▸ **PROBLEM REQUIREMENTS**: What the task requires is each entry, restated exactly.
*** Opening RECORDED DATA ***
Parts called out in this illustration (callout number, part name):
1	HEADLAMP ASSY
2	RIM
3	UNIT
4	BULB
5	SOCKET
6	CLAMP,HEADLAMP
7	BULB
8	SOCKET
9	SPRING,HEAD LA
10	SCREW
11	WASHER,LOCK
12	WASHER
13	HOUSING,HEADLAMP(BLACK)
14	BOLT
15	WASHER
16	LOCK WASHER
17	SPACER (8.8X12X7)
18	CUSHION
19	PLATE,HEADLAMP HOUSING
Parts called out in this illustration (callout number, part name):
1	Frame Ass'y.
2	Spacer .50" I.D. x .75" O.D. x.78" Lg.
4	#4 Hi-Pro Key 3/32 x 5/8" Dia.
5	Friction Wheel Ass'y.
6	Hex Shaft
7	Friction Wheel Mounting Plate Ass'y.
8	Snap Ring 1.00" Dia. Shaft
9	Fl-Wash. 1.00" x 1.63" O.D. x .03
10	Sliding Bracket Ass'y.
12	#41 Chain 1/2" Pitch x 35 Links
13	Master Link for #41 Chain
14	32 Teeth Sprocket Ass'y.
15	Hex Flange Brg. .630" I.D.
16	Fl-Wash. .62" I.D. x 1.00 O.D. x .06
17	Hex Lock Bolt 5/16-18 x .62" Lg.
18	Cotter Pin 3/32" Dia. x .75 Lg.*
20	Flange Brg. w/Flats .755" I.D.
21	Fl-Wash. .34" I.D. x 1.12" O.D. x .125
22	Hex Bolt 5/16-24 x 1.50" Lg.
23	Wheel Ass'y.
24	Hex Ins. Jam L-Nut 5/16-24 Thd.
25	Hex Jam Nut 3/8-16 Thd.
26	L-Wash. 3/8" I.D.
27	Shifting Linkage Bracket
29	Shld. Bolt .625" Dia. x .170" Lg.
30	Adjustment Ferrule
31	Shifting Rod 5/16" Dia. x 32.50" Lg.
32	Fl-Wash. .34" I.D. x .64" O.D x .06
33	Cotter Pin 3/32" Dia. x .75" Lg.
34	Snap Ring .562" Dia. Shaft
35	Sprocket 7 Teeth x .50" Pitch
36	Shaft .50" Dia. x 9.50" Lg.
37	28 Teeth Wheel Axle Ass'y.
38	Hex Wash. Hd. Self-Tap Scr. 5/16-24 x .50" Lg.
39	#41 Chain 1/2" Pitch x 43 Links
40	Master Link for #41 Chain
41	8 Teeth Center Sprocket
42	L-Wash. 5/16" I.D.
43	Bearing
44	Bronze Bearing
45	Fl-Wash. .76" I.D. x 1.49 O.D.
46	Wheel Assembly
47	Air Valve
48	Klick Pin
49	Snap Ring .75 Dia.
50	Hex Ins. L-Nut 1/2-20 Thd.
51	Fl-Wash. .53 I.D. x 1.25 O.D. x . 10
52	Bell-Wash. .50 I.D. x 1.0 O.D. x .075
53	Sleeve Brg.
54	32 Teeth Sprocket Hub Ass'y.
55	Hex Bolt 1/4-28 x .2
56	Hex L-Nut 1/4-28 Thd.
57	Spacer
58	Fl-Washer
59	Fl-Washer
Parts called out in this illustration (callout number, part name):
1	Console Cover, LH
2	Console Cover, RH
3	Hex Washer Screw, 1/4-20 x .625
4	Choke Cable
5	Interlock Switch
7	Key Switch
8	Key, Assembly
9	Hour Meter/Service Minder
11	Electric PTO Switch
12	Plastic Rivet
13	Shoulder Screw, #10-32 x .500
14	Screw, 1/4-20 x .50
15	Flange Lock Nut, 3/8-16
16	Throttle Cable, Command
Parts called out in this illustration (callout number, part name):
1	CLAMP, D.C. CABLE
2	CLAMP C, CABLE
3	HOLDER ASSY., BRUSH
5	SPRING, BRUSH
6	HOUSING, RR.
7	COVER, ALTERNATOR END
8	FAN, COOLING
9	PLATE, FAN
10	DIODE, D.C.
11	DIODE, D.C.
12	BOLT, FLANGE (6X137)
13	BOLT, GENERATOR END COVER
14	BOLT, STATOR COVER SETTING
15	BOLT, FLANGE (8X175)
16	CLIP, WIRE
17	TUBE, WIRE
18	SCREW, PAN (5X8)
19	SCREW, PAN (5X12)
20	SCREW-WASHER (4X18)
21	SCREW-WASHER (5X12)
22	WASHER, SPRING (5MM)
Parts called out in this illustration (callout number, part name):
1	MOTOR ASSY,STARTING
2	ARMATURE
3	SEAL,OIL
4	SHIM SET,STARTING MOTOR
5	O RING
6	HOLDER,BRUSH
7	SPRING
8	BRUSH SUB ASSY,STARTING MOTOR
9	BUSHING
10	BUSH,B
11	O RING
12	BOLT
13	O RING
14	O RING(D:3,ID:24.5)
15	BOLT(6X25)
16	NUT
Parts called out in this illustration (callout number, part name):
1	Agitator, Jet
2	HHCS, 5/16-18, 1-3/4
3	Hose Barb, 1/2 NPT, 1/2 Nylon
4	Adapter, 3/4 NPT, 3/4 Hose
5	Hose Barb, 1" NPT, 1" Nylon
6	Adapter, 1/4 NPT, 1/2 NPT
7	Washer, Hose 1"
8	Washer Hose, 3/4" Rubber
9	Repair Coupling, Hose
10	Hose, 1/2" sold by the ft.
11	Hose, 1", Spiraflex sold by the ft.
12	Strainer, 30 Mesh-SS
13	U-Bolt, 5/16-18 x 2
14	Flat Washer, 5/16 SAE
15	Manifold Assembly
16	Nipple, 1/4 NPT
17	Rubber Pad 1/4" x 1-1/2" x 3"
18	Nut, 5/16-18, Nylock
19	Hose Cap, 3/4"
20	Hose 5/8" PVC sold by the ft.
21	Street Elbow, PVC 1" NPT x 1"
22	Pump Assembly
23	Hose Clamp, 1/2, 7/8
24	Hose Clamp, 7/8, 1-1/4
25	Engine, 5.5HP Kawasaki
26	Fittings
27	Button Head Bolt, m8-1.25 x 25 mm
*** Closing RECORDED DATA ***
▸ **WRITTEN ANSWER**:
Parts called out in this illustration (callout number, part name):
1	HEADLAMP ASSY
2	RIM
3	UNIT
4	BULB
5	SOCKET
6	CLAMP,HEADLAMP
7	BULB
8	SOCKET
9	SPRING,HEAD LA
10	SCREW
11	WASHER,LOCK
12	WASHER
13	HOUSING,HEADLAMP(BLACK)
14	BOLT
15	WASHER
16	LOCK WASHER
17	SPACER (8.8X12X7)
18	CUSHION
19	PLATE,HEADLAMP HOUSING
Parts called out in this illustration (callout number, part name):
1	Frame Ass'y.
2	Spacer .50" I.D. x .75" O.D. x.78" Lg.
4	#4 Hi-Pro Key 3/32 x 5/8" Dia.
5	Friction Wheel Ass'y.
6	Hex Shaft
7	Friction Wheel Mounting Plate Ass'y.
8	Snap Ring 1.00" Dia. Shaft
9	Fl-Wash. 1.00" x 1.63" O.D. x .03
10	Sliding Bracket Ass'y.
12	#41 Chain 1/2" Pitch x 35 Links
13	Master Link for #41 Chain
14	32 Teeth Sprocket Ass'y.
15	Hex Flange Brg. .630" I.D.
16	Fl-Wash. .62" I.D. x 1.00 O.D. x .06
17	Hex Lock Bolt 5/16-18 x .62" Lg.
18	Cotter Pin 3/32" Dia. x .75 Lg.*
20	Flange Brg. w/Flats .755" I.D.
21	Fl-Wash. .34" I.D. x 1.12" O.D. x .125
22	Hex Bolt 5/16-24 x 1.50" Lg.
23	Wheel Ass'y.
24	Hex Ins. Jam L-Nut 5/16-24 Thd.
25	Hex Jam Nut 3/8-16 Thd.
26	L-Wash. 3/8" I.D.
27	Shifting Linkage Bracket
29	Shld. Bolt .625" Dia. x .170" Lg.
30	Adjustment Ferrule
31	Shifting Rod 5/16" Dia. x 32.50" Lg.
32	Fl-Wash. .34" I.D. x .64" O.D x .06
33	Cotter Pin 3/32" Dia. x .75" Lg.
34	Snap Ring .562" Dia. Shaft
35	Sprocket 7 Teeth x .50" Pitch
36	Shaft .50" Dia. x 9.50" Lg.
37	28 Teeth Wheel Axle Ass'y.
38	Hex Wash. Hd. Self-Tap Scr. 5/16-24 x .50" Lg.
39	#41 Chain 1/2" Pitch x 43 Links
40	Master Link for #41 Chain
41	8 Teeth Center Sprocket
42	L-Wash. 5/16" I.D.
43	Bearing
44	Bronze Bearing
45	Fl-Wash. .76" I.D. x 1.49 O.D.
46	Wheel Assembly
47	Air Valve
48	Klick Pin
49	Snap Ring .75 Dia.
50	Hex Ins. L-Nut 1/2-20 Thd.
51	Fl-Wash. .53 I.D. x 1.25 O.D. x . 10
52	Bell-Wash. .50 I.D. x 1.0 O.D. x .075
53	Sleeve Brg.
54	32 Teeth Sprocket Hub Ass'y.
55	Hex Bolt 1/4-28 x .2
56	Hex L-Nut 1/4-28 Thd.
57	Spacer
58	Fl-Washer
59	Fl-Washer
Parts called out in this illustration (callout number, part name):
1	Console Cover, LH
2	Console Cover, RH
3	Hex Washer Screw, 1/4-20 x .625
4	Choke Cable
5	Interlock Switch
7	Key Switch
8	Key, Assembly
9	Hour Meter/Service Minder
11	Electric PTO Switch
12	Plastic Rivet
13	Shoulder Screw, #10-32 x .500
14	Screw, 1/4-20 x .50
15	Flange Lock Nut, 3/8-16
16	Throttle Cable, Command
Parts called out in this illustration (callout number, part name):
1	CLAMP, D.C. CABLE
2	CLAMP C, CABLE
3	HOLDER ASSY., BRUSH
5	SPRING, BRUSH
6	HOUSING, RR.
7	COVER, ALTERNATOR END
8	FAN, COOLING
9	PLATE, FAN
10	DIODE, D.C.
11	DIODE, D.C.
12	BOLT, FLANGE (6X137)
13	BOLT, GENERATOR END COVER
14	BOLT, STATOR COVER SETTING
15	BOLT, FLANGE (8X175)
16	CLIP, WIRE
17	TUBE, WIRE
18	SCREW, PAN (5X8)
19	SCREW, PAN (5X12)
20	SCREW-WASHER (4X18)
21	SCREW-WASHER (5X12)
22	WASHER, SPRING (5MM)
Parts called out in this illustration (callout number, part name):
1	MOTOR ASSY,STARTING
2	ARMATURE
3	SEAL,OIL
4	SHIM SET,STARTING MOTOR
5	O RING
6	HOLDER,BRUSH
7	SPRING
8	BRUSH SUB ASSY,STARTING MOTOR
9	BUSHING
10	BUSH,B
11	O RING
12	BOLT
13	O RING
14	O RING(D:3,ID:24.5)
15	BOLT(6X25)
16	NUT
Parts called out in this illustration (callout number, part name):
1	Agitator, Jet
2	HHCS, 5/16-18, 1-3/4
3	Hose Barb, 1/2 NPT, 1/2 Nylon
4	Adapter, 3/4 NPT, 3/4 Hose
5	Hose Barb, 1" NPT, 1" Nylon
6	Adapter, 1/4 NPT, 1/2 NPT
7	Washer, Hose 1"
8	Washer Hose, 3/4" Rubber
9	Repair Coupling, Hose
10	Hose, 1/2" sold by the ft.
11	Hose, 1", Spiraflex sold by the ft.
12	Strainer, 30 Mesh-SS
13	U-Bolt, 5/16-18 x 2
14	Flat Washer, 5/16 SAE
15	Manifold Assembly
16	Nipple, 1/4 NPT
17	Rubber Pad 1/4" x 1-1/2" x 3"
18	Nut, 5/16-18, Nylock
19	Hose Cap, 3/4"
20	Hose 5/8" PVC sold by the ft.
21	Street Elbow, PVC 1" NPT x 1"
22	Pump Assembly
23	Hose Clamp, 1/2, 7/8
24	Hose Clamp, 7/8, 1-1/4
25	Engine, 5.5HP Kawasaki
26	Fittings
27	Button Head Bolt, m8-1.25 x 25 mm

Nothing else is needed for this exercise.